The reasons are simple. Schierholtz is an all-around good guy, from the Bay Area, a great defensive right fielder (important at AT&T Park), and had some big hits in big moments. When he was traded for Hunter Pence, there was a bit of a question about how fair of a deal he got with the Giants. To an extent, that’s a good point, as Nate never played more than 137 games in a season. But he did get 1,209 at-bats in a Giants uniform, and the numbers were far from overwhelming. Take a look.
I’m omitting runs and steals because they’re categories that rely too much on teammates. But that’s not much power. That HR/AB ratio translates to fewer than 10 homers for every 500 at-bats. That’s pretty poor for a .270 hitter who’s not a particularly prolific base stealer. You need more from a right fielder, fantasy or otherwise.
But here’s a situation where I think the pro-Schierholtz people and the people who saw him as nothing more than a fourth outfielder in San Francisco were both right. Schierholtz is a better hitter than that, but not as a lefty at AT&T Park.
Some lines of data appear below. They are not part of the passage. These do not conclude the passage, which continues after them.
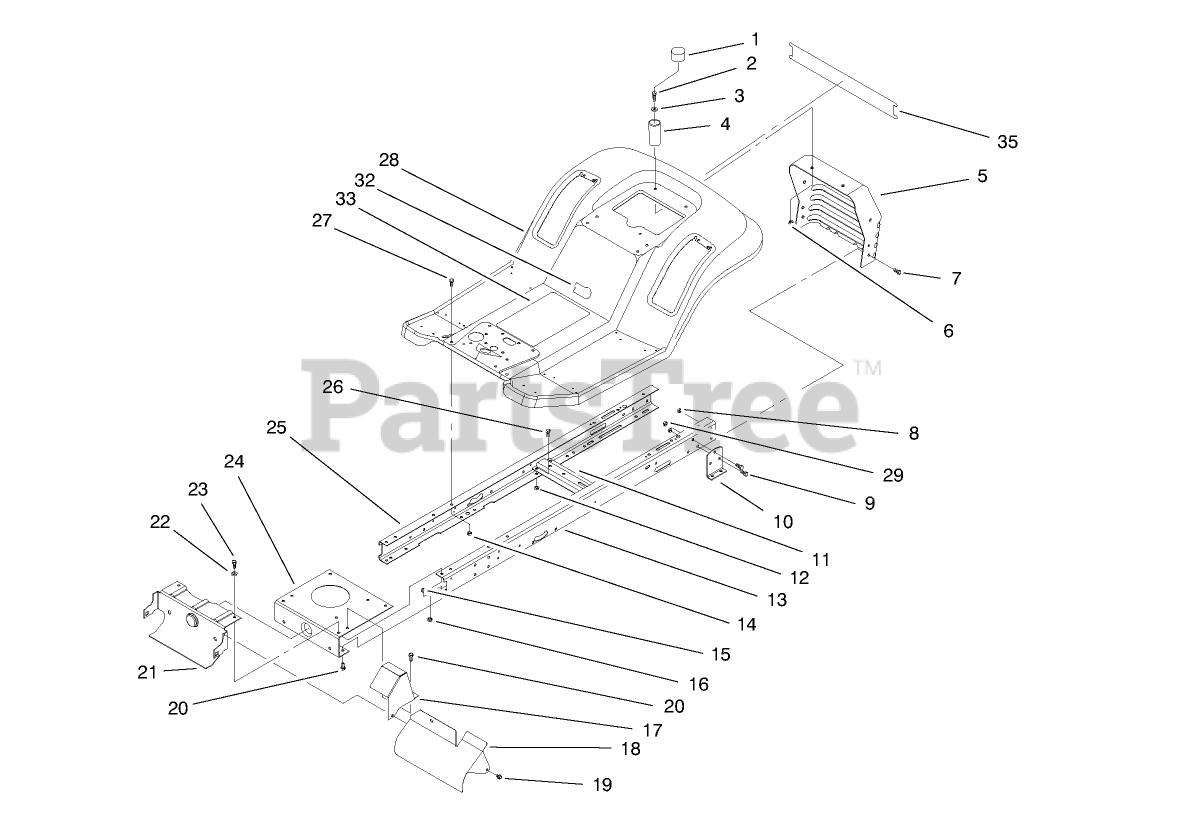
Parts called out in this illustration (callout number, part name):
1	CAP-PROTECTOR
2	SCREW-HH
3	WASHER-PLAIN
4	SPRING-COMPRESSION
6	NUT-LOCK, NI
7	SCREW-HH
8	NUT-LOCK, NI
9	SCREW-HH
10	BRACKET-TRANSAXLE, MOUNTING
11	BRACKET-IDLER PIVOT
12	NUT-LOCK, NI
14	NUT-LOCK, NI
15	NUT-LOCK, NI
16	NUT-LOCK, NI
17	SHIELD-EXHAUST PIPE
18	SHIELD-MUFFLER
19	SCREW-HWHTF
20	SCREW-HH
22	WASHER-PLAIN
23	SCREW-HH
24	PLATE-MOUNTING, ENGINE
26	SCREW-HH
27	SCREW-HH
29	NUT-LOCK, NI
32	DECAL - USA

Through Monday’s action, Schierholtz had 33 career home runs in 1,457 at-bats, which works out to about 11 homers per 500 at-bats. But if you eliminate his career at AT&T Park, you’re looking 27 career homers in 884 at-bats, which works out to about 15 homers over a 500 at-bat season. Homering at AT&T Park is so tough that despite never playing for the Rockies, Schierholtz has more homers at Coors Field than he does in San Francisco. Also, one of his six career homers in San Francisco was an inside-the-parker.
So, it’s fair to say that AT&T sapped his power, like it’s done to basically every lefty not named Barry Bonds since its opening. Now that he’s not a Giant and taking most of his at-bats at a more hitter-friendly Wrigley Field, the nine homers he’s hit in 2013 doesn’t look that out of line. It also doesn’t seem that crazy that Schierholtz will maintain his current pace of 21 homers.
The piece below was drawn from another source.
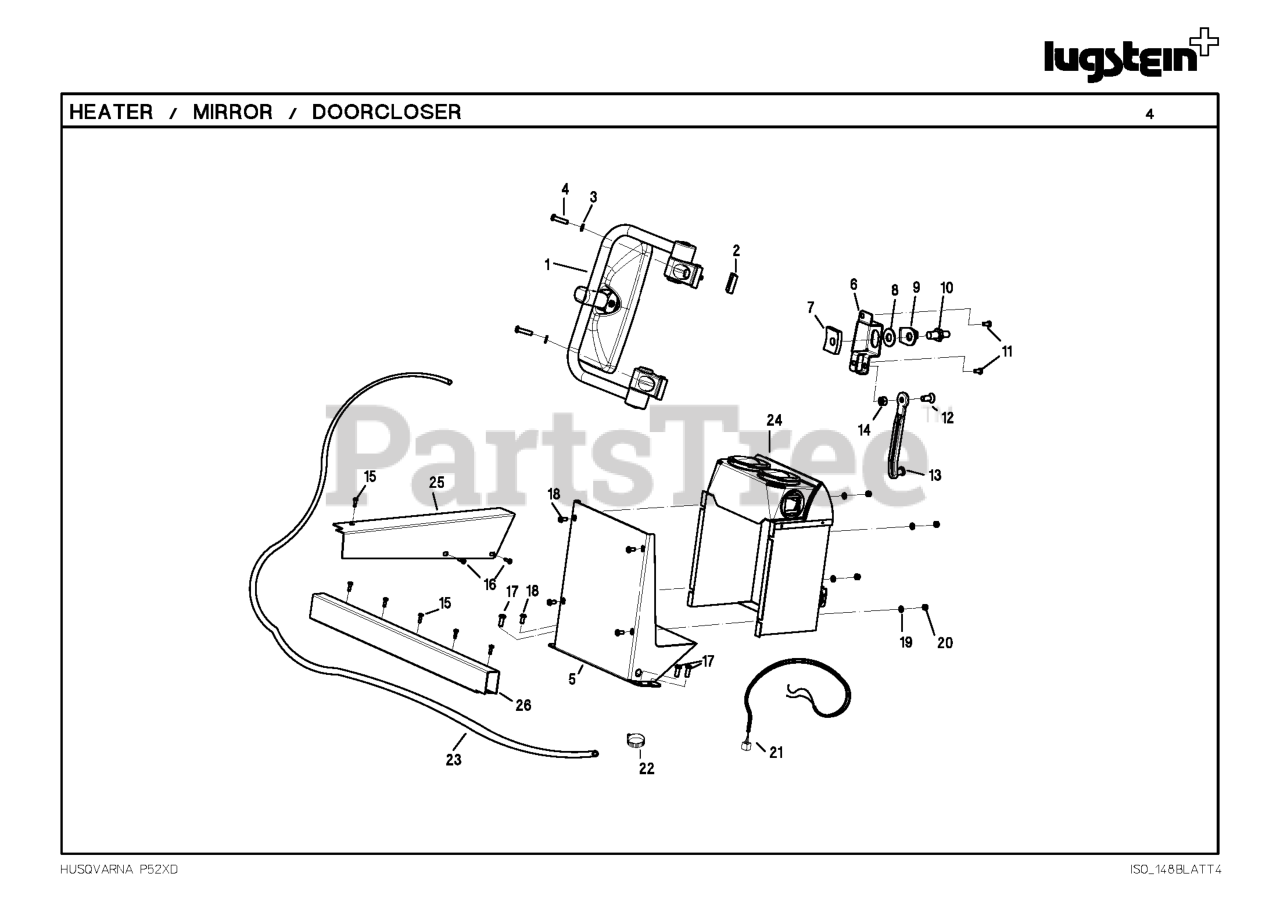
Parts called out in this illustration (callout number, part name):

Now, where I do get a little nervous is in the batting average. Schierholtz is a .273 career hitter, and his mark in San Francisco is .269. So, unlike power, that number wasn’t especially drained by playing at AT&T Park. Right now, Nate is hitting .297. If he does slip to .270 or so, you’re looking at a .250 hitter at best for the rest of the year.
On the flip side, though, his pace of 62 runs and RBI could also get much better. With Starlin Castro, Anthony Rizzo, and Alfonso Soriano, the Cubs don’t lack offensive talent. Right now, they’re a scuffling offense, but I don’t expect Castro and Rizzo to toil around .240 for the rest of the year. When they heat up, Schierholtz’s help numbers will also get better.
Anyway, we’re not really looking at Schierholtz as a full-time replacement. He was consistently above .280 in April and May and is above .350 in June. Now is the time to grab him and let a hot streak negate your losses because of a star’s injury. Best case scenario is that he remains hot and you sell high on him when your guy (or guys) get back.
As a short-term guy, Schierholtz is worth the risk.